2 of 136 comments (clear)

  1. the learning possibilities by TubeSteak · · Score: 3, Interesting
    The discovery could also help to explain why people tend to learn a new task quicker when they take short rests between each practice round. It suggests that eliminating such breaks could actually interfere with learning, and perhaps even explain why hyperactive children often have learning difficulties.
    This may be less about ADD/ADHD kids than about teaching style in general.

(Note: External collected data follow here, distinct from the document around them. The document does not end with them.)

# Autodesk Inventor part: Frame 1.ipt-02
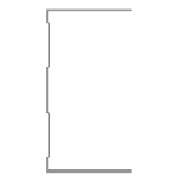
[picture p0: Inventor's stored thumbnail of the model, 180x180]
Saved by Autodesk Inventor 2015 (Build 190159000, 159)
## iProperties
IsCustomPart: 1
Created: 2015-04
Part Number: Frame 1.ipt-02
Material: Aluminum 6061
Description: Kévin Novo
Document SubType Name: Modeling
Standard: Kevin
Designer: suporte
Standards Organization: Kevin
Language: en-US
Size Designation: (Unnamed 2)
Categories: <MemberInstance><Categories><Category DisplayName="Structural Shapes" InternalName="089c4875-fa83-4c05-b084-43b9cc11f5ed" Mnemonic="GRDR"><CategoryParameter Dis
Density: 2.7 g/cm^3
Appearance: Aluminum - Flat
_CCFamilyMember: 2
_CCFamilyDisplayName: Kévin - Kévin Novo
_FrameMemberDoc: Frame Member File
_Version: 15.0.0
_GetPNFromCC: 1
G_W: 50,000 mm
G_H: 75,000 mm
G_L: 2100,000 mm
+B6702A2A-2177-46D1-A6FB-406ACC042074+CUTDETAIL1: Notch
Author: suporte
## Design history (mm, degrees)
node "Start Plane"
node "End Plane"
sketch "Sketch"
  geometry: L1 (24.7, 37.5)-(24.7, 36.9); L2 (24.7, 36.9)-(-24.7, 36.9); L3 (-24.7, -36.9)-(24.7, -36.9); L4 (24.7, -36.9)-(24.7, -37.5); L5 (24.7, -37.5)-(-25.3, -37.5); L6 (-25.3, 37.5)-(24.7, 37.5); L7 (-24.7, 36.9)-(-24.7, 31.9); L8 (-24.7, 31.9)-(-23.3, 30.5); L9 (-23.3, 30.5)-(-23.3, 10.934); L10 (-23.3, 10.934)-(-24.7, 9.534); L11 (-24.7, 9.534)-(-24.7, -9.534); L12 (-24.7, -9.534)-(-23.3, -10.934); L13 (-23.3, -10.934)-(-23.3, -30.5); L14 (-23.3, -30.5)-(-24.7, -31.9); L15 (-24.7, -31.9)-(-24.7, -36.9); L16 (-25.3, -37.5)-(-25.3, -31.651); L17 (-25.3, -31.651)-(-23.9, -30.251); L18 (-23.9, -30.251)-(-23.9, -11.183); L19 (-23.9, -11.183)-(-25.3, -9.783); L20 (-25.3, -9.783)-(-25.3, 9.783); L21 (-25.3, 9.783)-(-23.9, 11.183); L22 (-23.9, 11.183)-(-23.9, 30.251); L23 (-23.9, 30.251)-(-25.3, 31.651); L24 (-25.3, 31.651)-(-25.3, 37.5); L25 (-25.3, 0)-(30.37, 0); 3 further points
  constraints: 50 end point, 10 point on line, 9 parallel, 5 perpendicular, 4 equal length, 3 midpoint, 3 vertical, 2 vertical alignment, 1 collinear, 1 horizontal, 1 horizontal alignment
  dimensions: "d3" = 0.6 distance of L1.start L1.end (= d6); "d5" = 75 distance between parallel lines of L5 L6; "d6" = 0.6 distance between parallel lines of L24 L7 (= d8); "d7" = 0.6 distance between parallel lines of L8 L23 (= d8); "d8" = 0.6 distance between parallel lines of L22 L9 (= d12); "Espessura" = 0.6 distance between parallel lines of L17 L14; "d10" = 0.6 distance between parallel lines of L13 L18 (= Espessura); "d11" = 0.6 distance between parallel lines of L12 L19 (= Espessura); "d12" = 0.6 distance between parallel lines of L21 L10 (= d11); "d13" = 5 distance of L2.end L7.end; "d15" = 135 deg angle of L9 L8; "d16" = 2 distance between parallel lines of L24 L9; "d17" = 50 distance of L6.start L1.start
extrude "Body" join sketch "Sketch" stored distance "d24" = 0.13; taper "d25" = 0 deg
node "Driven Length"
  sketch "Sketch10"
    geometry: L1 (0, 0)-(10, 0) reference
    constraints: 2 end point, 1 horizontal
  workplane "Work Plane7"
  sketch "Sketch11"
    geometry: L1 (-2, 0)-(12, 0) reference; L2 (-2, 2100)-(12, 2100) reference
    dimensions: "d27" = 2100 distance between parallel lines of L1 L2 (derived)
workplane "Work Plane8"
workplane "Work Plane9"
workplane "Work Plane10"
sketch "Sketch12"
  geometry: L1 (24.7, 37.5)-(24.7, 36.9); L2 (24.7, 36.9)-(-24.7, 36.9); L3 (-24.7, 36.9)-(-24.7, 31.9); L4 (-24.7, 31.9)-(-23.3, 30.5); L5 (-23.3, 30.5)-(-23.3, 10.934); L6 (-23.3, 10.934)-(-24.7, 9.534); L7 (-24.7, 9.534)-(-24.7, -9.534); L8 (-24.7, -9.534)-(-23.3, -10.934); L9 (-23.3, -10.934)-(-23.3, -30.5); L10 (-23.3, -30.5)-(-24.7, -31.9); L11 (-24.7, -31.9)-(-24.7, -36.9); L12 (-24.7, -36.9)-(24.7, -36.9); L13 (24.7, -36.9)-(24.7, -37.5); L14 (24.7, -37.5)-(-25.3, -37.5); L15 (-25.3, -37.5)-(-25.3, -31.651); L16 (-25.3, -31.651)-(-23.9, -30.251); L17 (-23.9, -30.251)-(-23.9, -11.183); L18 (-23.9, -11.183)-(-25.3, -9.783); L19 (-25.3, -9.783)-(-25.3, 9.783); L20 (-25.3, 9.783)-(-23.9, 11.183); L21 (-23.9, 11.183)-(-23.9, 30.251); L22 (-23.9, 30.251)-(-25.3, 31.651); L23 (-25.3, 31.651)-(-25.3, 37.5); L24 (-25.3, 37.5)-(24.7, 37.5)
  constraints: 48 end point, 10 point on line
extrude "Extrusion3" cut sketch "Sketch12" stored distance "d36" = 0.13; taper "d37" = 0 deg
body "Solid1"
other parameters: "G_OFFSET_START" = 0 [user parameter; used in 1 equation term], "G_OFFSET_END" = 0 [user parameter; used in 1 equation term], "d22" = 0 (computed from G_OFFSET_START), "G_L" = 2100 (= d27) [user parameter], "d34" = 90 deg

    Any teaching style that will appeal to a hyperactive child, will more than likely be engaging for a 'normal' student.

    Though it might be a stretch to suggest this could be extended to understanding hyperactive kids. AFAIK, they usually have abnormally low levels of dopamine and/or seratonin in their brains, while the article posits that "The rerun [for mice] could coincide with a burst of the reward chemical dopamine, which is released in the brain when the animal finds food."

    Maybe they can find some hyperactive mice to run the tests on?
    --
    [Fuck Beta]
    o0t!
  2. I suspect they will find the same true for people by icecow · · Score: 4, Interesting

    Haven't most people walked through the halls of a unfamiliar building to their destination then stopped and reviewed how to get back out a few times (a movie in reverse sorta) in order to get it in their long term memory? or is it just me? I don't always do it, just when the path seemed complicated. I'd think doing this would be much more important to a mouse considering they have rival creatures towering over them like downtown buildings.

    Whoa, I'm reading back my post and thinking WTF!

    --
    Stop invalid scientific research. Ask your local scientists to feed their lab rats with a phytoestrogen-free chow.